地球軍(われわれ)は、成長しているのさ──」

 

 パナマ基地の戦闘を取り仕切る、地球軍将校の男が誇らしげに鼻を鳴らした。

 ビクトリアに配備された〝デストロイ〟および、アラスカで試験投入された〝エクソリア〟から露見した共通の弱点とは、つまり「懐に潜り込まれると無力」だということ。大型にして鈍重であるがゆえに、小回りが利くモビルスーツに接近を許すと対処法を失うこと。

 その解決策として、彼らは直掩機〝ネメシスダガー〟を〝エクソリア〟周辺に配備し、これに不用意に近づかんとする敵モビルスーツを牽制させていた。このほか〝エクソリア〟自体の「強すぎる火力が友軍を巻き込みがち」という運用上の過失も見受けられたが、これは展開するモビルスーツの配置を工夫、事故防止を図っている。このとき〝エクソリア〟は上空に展開する敵機に対して砲門を開き、この凄絶な射撃を恐れた敵部隊だけを低空に引きずり下ろしていたのだ。そうして地上に落ちてきた蚊蜻蛉達、これを地上で待ち構えていた量産機部隊(ストライクダガー)に強襲させる──

 今回の戦闘、地球軍は拠点防衛戦を繰り広げることから、あらかじめ地の利を活かした戦術を組み立ていたのだ。ザフトから見れば、見事な役割分担と云えるだろう。

 

「ちィッ!」

 

 交戦中の『煌めく凶星〝J〟』による追撃をなんとか振り切ったイザークは、急ぎ〝エクソリア〟を鎮圧しようと転進する。

 ──ヤツを放置していては、被害の拡大は免れない!

 当作戦の要である〝グングニール〟は、安全地帯を確保しなければ降下させることは不可能だ。しかし今、安全地帯がどこにあるという? この一帯は全域が危険地帯であり、少なくとも、山頂に仁王立ちした件の〝巨人〟を排除しない限り、彼らの作戦は実行に移すことすらがままならない!
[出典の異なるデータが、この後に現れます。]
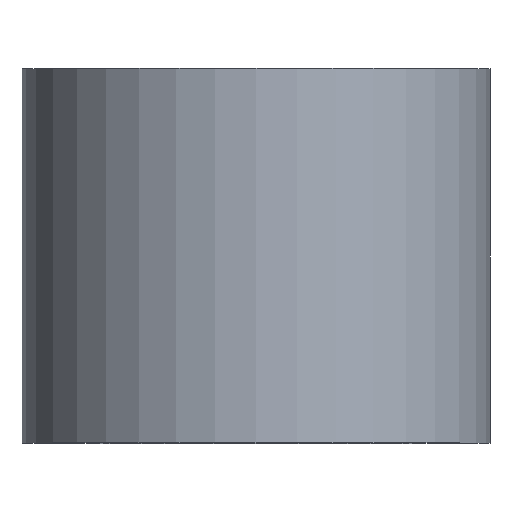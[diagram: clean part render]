
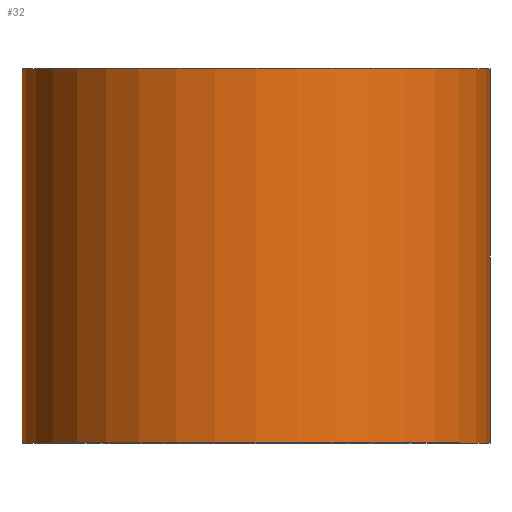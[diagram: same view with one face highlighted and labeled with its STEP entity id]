
A CAD part, top view. The second image highlights one B-rep face of the part: STEP entity #32.
In plain terms, the highlighted cylindrical face has radius 7.5 mm (diameter 15 mm), a partial arc.
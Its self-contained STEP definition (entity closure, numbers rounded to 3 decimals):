
#32 = ADVANCED_FACE ( 'NONE', ( #104 ), #49, .T. ) ;
#36 = DIRECTION ( 'NONE',  ( 0., 1., 0. ) ) ;
#45 = LINE ( 'NONE', #256, #212 ) ;
#48 = ORIENTED_EDGE ( 'NONE', *, *, #252, .T. ) ;
#49 = CYLINDRICAL_SURFACE ( 'NONE', #190, 7.5 ) ;
#56 = DIRECTION ( 'NONE',  ( -1., 0., 0. ) ) ;
#58 = DIRECTION ( 'NONE',  ( 0., 1., 0. ) ) ;
#60 = AXIS2_PLACEMENT_3D ( 'NONE', #230, #36, #56 ) ;
#64 = VERTEX_POINT ( 'NONE', #291 ) ;
#70 = VECTOR ( 'NONE', #124, 1000. ) ;
#71 = DIRECTION ( 'NONE',  ( -1., 0., 0. ) ) ;
#73 = CARTESIAN_POINT ( 'NONE',  ( 7.5, 12., 0. ) ) ;
#78 = DIRECTION ( 'NONE',  ( -1., 0., 0. ) ) ;
#88 = LINE ( 'NONE', #233, #70 ) ;
#96 = AXIS2_PLACEMENT_3D ( 'NONE', #204, #58, #78 ) ;
#99 = DIRECTION ( 'NONE',  ( 0., 1., 0. ) ) ;
#104 = FACE_OUTER_BOUND ( 'NONE', #257, .T. ) ;
#117 = VERTEX_POINT ( 'NONE', #73 ) ;
#124 = DIRECTION ( 'NONE',  ( 0., 1., 0. ) ) ;
#125 = VERTEX_POINT ( 'NONE', #140 ) ;
#126 = CARTESIAN_POINT ( 'NONE',  ( -7.5, 12., 0. ) ) ;
#140 = CARTESIAN_POINT ( 'NONE',  ( -7.5, 0., 0. ) ) ;
#183 = EDGE_CURVE ( 'NONE', #125, #64, #225, .T. ) ;
#189 = EDGE_CURVE ( 'NONE', #125, #244, #88, .T. ) ;
#190 = AXIS2_PLACEMENT_3D ( 'NONE', #219, #247, #71 ) ;
#195 = ORIENTED_EDGE ( 'NONE', *, *, #189, .F. ) ;
#204 = CARTESIAN_POINT ( 'NONE',  ( 0., 12., 0. ) ) ;
#212 = VECTOR ( 'NONE', #99, 1000. ) ;
#219 = CARTESIAN_POINT ( 'NONE',  ( 0., 0., 0. ) ) ;
#225 = CIRCLE ( 'NONE', #60, 7.5 ) ;
#230 = CARTESIAN_POINT ( 'NONE',  ( 0., 0., 0. ) ) ;
#233 = CARTESIAN_POINT ( 'NONE',  ( -7.5, 0., 0. ) ) ;
#240 = EDGE_CURVE ( 'NONE', #244, #117, #277, .T. ) ;
#244 = VERTEX_POINT ( 'NONE', #126 ) ;
#247 = DIRECTION ( 'NONE',  ( 0., 1., 0. ) ) ;
#252 = EDGE_CURVE ( 'NONE', #64, #117, #45, .T. ) ;
#256 = CARTESIAN_POINT ( 'NONE',  ( 7.5, 0., 0. ) ) ;
#257 = EDGE_LOOP ( 'NONE', ( #269, #48, #295, #195 ) ) ;
#269 = ORIENTED_EDGE ( 'NONE', *, *, #183, .T. ) ;
#277 = CIRCLE ( 'NONE', #96, 7.5 ) ;
#291 = CARTESIAN_POINT ( 'NONE',  ( 7.5, 0., 0. ) ) ;
#295 = ORIENTED_EDGE ( 'NONE', *, *, #240, .F. ) ;

 イザークはしかし、目標の〝エクソリア〟まで辿り着くことは叶わなかった。ビームサーベルを抜き放ち、敵機へと詰め寄るも前に、他の〝ネメシスダガー〟が徹底的に足止めを行ってくるのだから。

 

「くっそぉぉ!」

 

 いよいよ手詰まりを感じ始めていたイザークだが、その瞬間、目の前に立ちはだかった〝ネメシスダガー〟が、いきなり爆発した。

 何事だ!? 目を張ると、続けざま、上空に展開する他の〝ネメシスダガー〟も次々と撃破されてゆく。地上に展開する〝ストライクダガー〟も同様に撃破され、彼は何が起きているのかを把握することも出来ない。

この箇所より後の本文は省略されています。